Before I move on, let me make a short note about this book's relative obscurity. Although I am hardly an expert of urbanism or urban economics, I would have expected to hear more about the ideas Jacobs discusses in this book, but it seems that those ideas have now become so firmly entrenched that they are no longer credited to her.*

And Jacobs herself was not the first to talk about the economies of cities. Adam Smith was probably also not the first, but his 1776 characterization of economies of scope and scale has stood the test of time:
As it is the power of exchanging that gives occasion to the division of labour, so the extent of this division must always be limited by the extent of that power, or, in other words, by the extent of the market. When the market is very small, no person can have any encouragement to dedicate himself entirely to one employment, for want of the power to exchange all that surplus part of the produce of his own labour, which is over and above his own consumption, for such parts of the produce of other men's labour as he has occasion for.

There are some sorts of industry, even of the lowest kind, which can be carried on no where but in a great town... [snip] In the lone houses and very small villages which are scattered about in so desert a country as the Highlands of Scotland, every farmer must be butcher, baker and brewer for his own family. In such situations we can scarce expect to find even a smith, a carpenter, or a mason, within less than twenty miles of another of the same trade... [snip]

As by means of water-carriage a more extensive market is opened to every sort of industry than what land-carriage alone can afford it, so it is upon the sea-coast, and along the banks of navigable rivers, that industry of every kind naturally begins to subdivide and improve itself, and it is frequently not till a long time after that those improvements extend themselves to the inland parts of the country.
Smith's observations on the size of the market more or less integrates an important element missing from basic economics, i.e., the importance of space and the transactions costs that arise with distance.** It is from this simple idea that Jacob's begins her book with her most controversial (?) idea, i.e., that cities predated agriculture and drove the agricultural revolution of 10,000 years ago.

There's very little evidence and no written records to support this idea, but I find it far more plausible than the commonly held idea that farmers produced surpluses and thus enabled specialised trades and a bureaucratic class to arise. Against this series of steps, Jacobs supposes that "cities" -- basically villages whose specialized traders and craftsmen stayed put -- existed alongside hunter-gather societies, each playing a complementary role to the other. Given this start, Jacobs then makes the entirely plausible guess that specialization in handling animals would lead to breeding, and specialization in handling seeds and other foods would lead to the selection of those with higher yields or more attractive qualities, with such "innovations" then being exported from the villages back into the wilds -- and eventually the fields that would be defended by city-dwellers rich enough to build walls, hire guards and so on.
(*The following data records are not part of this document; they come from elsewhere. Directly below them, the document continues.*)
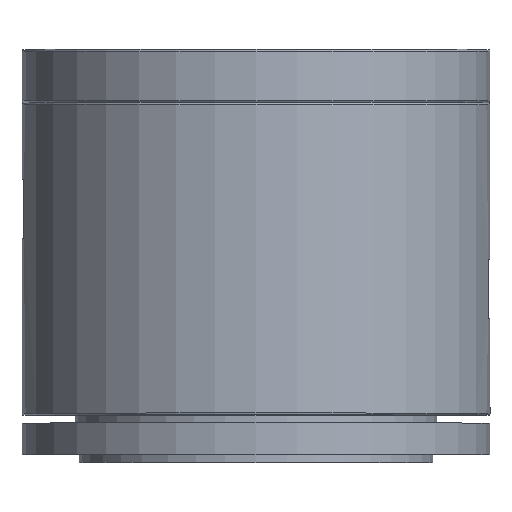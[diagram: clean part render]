
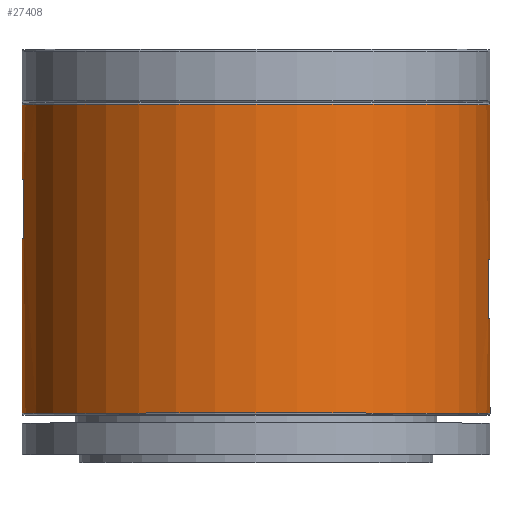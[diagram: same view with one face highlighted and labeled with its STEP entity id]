
A CAD part, top view. The second image highlights one B-rep face of the part: STEP entity #27408.
In plain terms, the highlighted cylindrical face has radius 59.5 mm (diameter 119 mm), a partial arc.
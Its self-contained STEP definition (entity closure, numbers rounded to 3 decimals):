
#41 = CARTESIAN_POINT ( 'NONE',  ( -59.5, 0.5, 0. ) ) ;
#375 = DIRECTION ( 'NONE',  ( 1., 0., 0. ) ) ;
#417 = LINE ( 'NONE', #4257, #2490 ) ;
#581 = CARTESIAN_POINT ( 'NONE',  ( 59.5, 79., 0. ) ) ;
#590 = DIRECTION ( 'NONE',  ( 0., -1., 0. ) ) ;
#770 = CIRCLE ( 'NONE', #29565, 59.5 ) ;
#823 = AXIS2_PLACEMENT_3D ( 'NONE', #35867, #39296, #39517 ) ;
#2023 = DIRECTION ( 'NONE',  ( 0., 1., 0. ) ) ;
#2490 = VECTOR ( 'NONE', #20399, 1000. ) ;
#2553 = CIRCLE ( 'NONE', #42316, 59.5 ) ;
#2839 = AXIS2_PLACEMENT_3D ( 'NONE', #18775, #2023, #31661 ) ;
#3794 = CARTESIAN_POINT ( 'NONE',  ( 0., -728.145, 0. ) ) ;
#3908 = CARTESIAN_POINT ( 'NONE',  ( -59.5, 59.85, 0. ) ) ;
#4048 = EDGE_CURVE ( 'NONE', #38856, #13844, #41413, .T. ) ;
#4257 = CARTESIAN_POINT ( 'NONE',  ( 59.5, -728.145, 0. ) ) ;
#4560 = ORIENTED_EDGE ( 'NONE', *, *, #37171, .T. ) ;
#6514 = VERTEX_POINT ( 'NONE', #581 ) ;
#6833 = CARTESIAN_POINT ( 'NONE',  ( 59.025, -728.145, 7.5 ) ) ;
#7088 = VECTOR ( 'NONE', #21613, 1000. ) ;
#7176 = AXIS2_PLACEMENT_3D ( 'NONE', #20259, #13604, #17452 ) ;
#8352 = CIRCLE ( 'NONE', #823, 59.5 ) ;
#8533 = DIRECTION ( 'NONE',  ( 0., -1., 0. ) ) ;
#8871 = CARTESIAN_POINT ( 'NONE',  ( -59.025, 59.85, 7.5 ) ) ;
#8987 = AXIS2_PLACEMENT_3D ( 'NONE', #18068, #41252, #31173 ) ;
#9217 = VERTEX_POINT ( 'NONE', #36529 ) ;
#9273 = CARTESIAN_POINT ( 'NONE',  ( -59.025, -728.145, 7.5 ) ) ;
#9872 = CARTESIAN_POINT ( 'NONE',  ( 59.5, 24.7, 0. ) ) ;
#10410 = CIRCLE ( 'NONE', #2839, 59.5 ) ;
#11237 = CARTESIAN_POINT ( 'NONE',  ( 59.025, 24.7, 7.5 ) ) ;
#11431 = ORIENTED_EDGE ( 'NONE', *, *, #40421, .T. ) ;
#11436 = DIRECTION ( 'NONE',  ( -1., 0., 0. ) ) ;
#12755 = CARTESIAN_POINT ( 'NONE',  ( -59.5, 79., 0. ) ) ;
#12972 = EDGE_CURVE ( 'NONE', #26545, #24620, #39108, .T. ) ;
#13152 = ORIENTED_EDGE ( 'NONE', *, *, #26033, .F. ) ;
#13355 = VERTEX_POINT ( 'NONE', #32550 ) ;
#13604 = DIRECTION ( 'NONE',  ( 0., -1., 0. ) ) ;
#13844 = VERTEX_POINT ( 'NONE', #11237 ) ;
#13894 = FACE_OUTER_BOUND ( 'NONE', #19174, .T. ) ;
#15733 = ORIENTED_EDGE ( 'NONE', *, *, #27389, .T. ) ;
#16478 = LINE ( 'NONE', #6833, #34806 ) ;
#17452 = DIRECTION ( 'NONE',  ( 0., 0., -1. ) ) ;
#17453 = DIRECTION ( 'NONE',  ( 0., -1., 0. ) ) ;
#17659 = ORIENTED_EDGE ( 'NONE', *, *, #20011, .T. ) ;
#17870 = DIRECTION ( 'NONE',  ( 0., 1., 0. ) ) ;
#18068 = CARTESIAN_POINT ( 'NONE',  ( 0., 44.85, 0. ) ) ;
#18413 = CARTESIAN_POINT ( 'NONE',  ( 59.5, -728.145, 0. ) ) ;
#18775 = CARTESIAN_POINT ( 'NONE',  ( 0., 39.7, 0. ) ) ;
#19174 = EDGE_LOOP ( 'NONE', ( #41233, #37381, #15733, #20702, #25821, #4560, #29483, #13152, #34223, #11431, #17659, #38673 ) ) ;
#19178 = EDGE_CURVE ( 'NONE', #24094, #34141, #770, .T. ) ;
#19245 = EDGE_CURVE ( 'NONE', #24620, #22549, #22017, .T. ) ;
#20011 = EDGE_CURVE ( 'NONE', #9217, #13355, #10410, .T. ) ;
#20259 = CARTESIAN_POINT ( 'NONE',  ( 0., 24.7, 0. ) ) ;
#20399 = DIRECTION ( 'NONE',  ( 0., -1., 0. ) ) ;
#20702 = ORIENTED_EDGE ( 'NONE', *, *, #12972, .T. ) ;
#20851 = VECTOR ( 'NONE', #41898, 1000. ) ;
#21613 = DIRECTION ( 'NONE',  ( 0., -1., 0. ) ) ;
#21832 = VERTEX_POINT ( 'NONE', #12755 ) ;
#22017 = CIRCLE ( 'NONE', #8987, 59.5 ) ;
#22035 = CARTESIAN_POINT ( 'NONE',  ( -59.5, -728.145, 0. ) ) ;
#22549 = VERTEX_POINT ( 'NONE', #36216 ) ;
#23589 = CARTESIAN_POINT ( 'NONE',  ( 59.5, 0.5, 0. ) ) ;
#23821 = AXIS2_PLACEMENT_3D ( 'NONE', #3794, #590, #375 ) ;
#24094 = VERTEX_POINT ( 'NONE', #41 ) ;
#24115 = CARTESIAN_POINT ( 'NONE',  ( -59.5, -728.145, 0. ) ) ;
#24190 = DIRECTION ( 'NONE',  ( 0., 1., 0. ) ) ;
#24620 = VERTEX_POINT ( 'NONE', #30050 ) ;
#24727 = CARTESIAN_POINT ( 'NONE',  ( 0., 0.5, 0. ) ) ;
#25821 = ORIENTED_EDGE ( 'NONE', *, *, #19245, .T. ) ;
#26033 = EDGE_CURVE ( 'NONE', #38856, #34141, #417, .T. ) ;
#26545 = VERTEX_POINT ( 'NONE', #8871 ) ;
#26590 = DIRECTION ( 'NONE',  ( 0., 0., 1. ) ) ;
#27201 = VECTOR ( 'NONE', #17453, 1000. ) ;
#27389 = EDGE_CURVE ( 'NONE', #36285, #26545, #2553, .T. ) ;
#27408 = ADVANCED_FACE ( 'NONE', ( #13894 ), #36452, .T. ) ;
#28278 = LINE ( 'NONE', #18413, #32662 ) ;
#29483 = ORIENTED_EDGE ( 'NONE', *, *, #19178, .T. ) ;
#29565 = AXIS2_PLACEMENT_3D ( 'NONE', #24727, #17870, #11436 ) ;
#30050 = CARTESIAN_POINT ( 'NONE',  ( -59.025, 44.85, 7.5 ) ) ;
#31173 = DIRECTION ( 'NONE',  ( 0., 0., -1. ) ) ;
#31482 = LINE ( 'NONE', #22035, #7088 ) ;
#31661 = DIRECTION ( 'NONE',  ( 0., 0., 1. ) ) ;
#32550 = CARTESIAN_POINT ( 'NONE',  ( 59.5, 39.7, 0. ) ) ;
#32662 = VECTOR ( 'NONE', #8533, 1000. ) ;
#32714 = EDGE_CURVE ( 'NONE', #6514, #21832, #8352, .T. ) ;
#33217 = DIRECTION ( 'NONE',  ( 0., 1., 0. ) ) ;
#33553 = LINE ( 'NONE', #24115, #27201 ) ;
#34141 = VERTEX_POINT ( 'NONE', #23589 ) ;
#34223 = ORIENTED_EDGE ( 'NONE', *, *, #4048, .T. ) ;
#34806 = VECTOR ( 'NONE', #33217, 1000. ) ;
#35572 = EDGE_CURVE ( 'NONE', #21832, #36285, #31482, .T. ) ;
#35867 = CARTESIAN_POINT ( 'NONE',  ( 0., 79., 0. ) ) ;
#36216 = CARTESIAN_POINT ( 'NONE',  ( -59.5, 44.85, 0. ) ) ;
#36285 = VERTEX_POINT ( 'NONE', #3908 ) ;
#36452 = CYLINDRICAL_SURFACE ( 'NONE', #23821, 59.5 ) ;
#36529 = CARTESIAN_POINT ( 'NONE',  ( 59.025, 39.7, 7.5 ) ) ;
#37071 = CARTESIAN_POINT ( 'NONE',  ( 0., 59.85, 0. ) ) ;
#37171 = EDGE_CURVE ( 'NONE', #22549, #24094, #33553, .T. ) ;
#37381 = ORIENTED_EDGE ( 'NONE', *, *, #35572, .T. ) ;
#38673 = ORIENTED_EDGE ( 'NONE', *, *, #39103, .F. ) ;
#38856 = VERTEX_POINT ( 'NONE', #9872 ) ;
#39103 = EDGE_CURVE ( 'NONE', #6514, #13355, #28278, .T. ) ;
#39108 = LINE ( 'NONE', #9273, #20851 ) ;
#39296 = DIRECTION ( 'NONE',  ( 0., -1., 0. ) ) ;
#39517 = DIRECTION ( 'NONE',  ( 1., 0., 0. ) ) ;
#40421 = EDGE_CURVE ( 'NONE', #13844, #9217, #16478, .T. ) ;
#41233 = ORIENTED_EDGE ( 'NONE', *, *, #32714, .T. ) ;
#41252 = DIRECTION ( 'NONE',  ( 0., -1., 0. ) ) ;
#41413 = CIRCLE ( 'NONE', #7176, 59.5 ) ;
#41898 = DIRECTION ( 'NONE',  ( 0., -1., 0. ) ) ;
#42316 = AXIS2_PLACEMENT_3D ( 'NONE', #37071, #24190, #26590 ) ;

This insight alone is worth reading the book, but there are more!

One important implication of city-led innovation is that it rebukes governments that focus on rural development. Jacobs's advice would be "leave them alone to follow and learn from cities," but many governments subsidize, direct and protect rural areas in a crude attempt to develop them. Such strategy not only wastes resources and encourages corruption, it also retards urban and rural innovation. (Note that this pattern is not falsified by China's post-1980 rural-led development, as the Party would not have dared to give economic freedom to cities first.)

Her next major point is that cities need to innovate if they are to survive. This means that "company towns" are likely only to last as long as their companies. In the book, she mentions how Detroit was a dynamo compared to Pittsburgh because it had so many industries to Pittsburgh's steel-dominated economy. With another 45 years of history, we now see how Detroit failed when its car industry stumbled, and Pittsburgh has "come back" through diversification. It's hard to remain king of the hill!

Part of this thought that Jacobs spends some time on is the way that various players in supply chain must be competitive to service world-class firms, which means that they are also likely to be exporters, and thus the source of extra profits, jobs and prosperity. It is thus that Jacobs, with justification, highlights cities as the specialized engines increasing the Wealth of Nations. (Some might claim that countries can grown rich on agriculture, but the richest countries have stepped away from that sector.) She called this dynamic "import replacement" -- meaning that local firms would cut out distant suppliers to local producers/exporters. Her definition is realistic as the way cities grow and more realistic as a description of how to encourage than "import substitution," which depends on preventing foreign firms from supplying intermediate goods, in the hope that local firms would be able to fill the gap.*** The implication is that cities don't depend on ports or river access to grow, but a mix of older and younger industries that can export goods based on imported materials and innovate new goods and services as older enterprises decline.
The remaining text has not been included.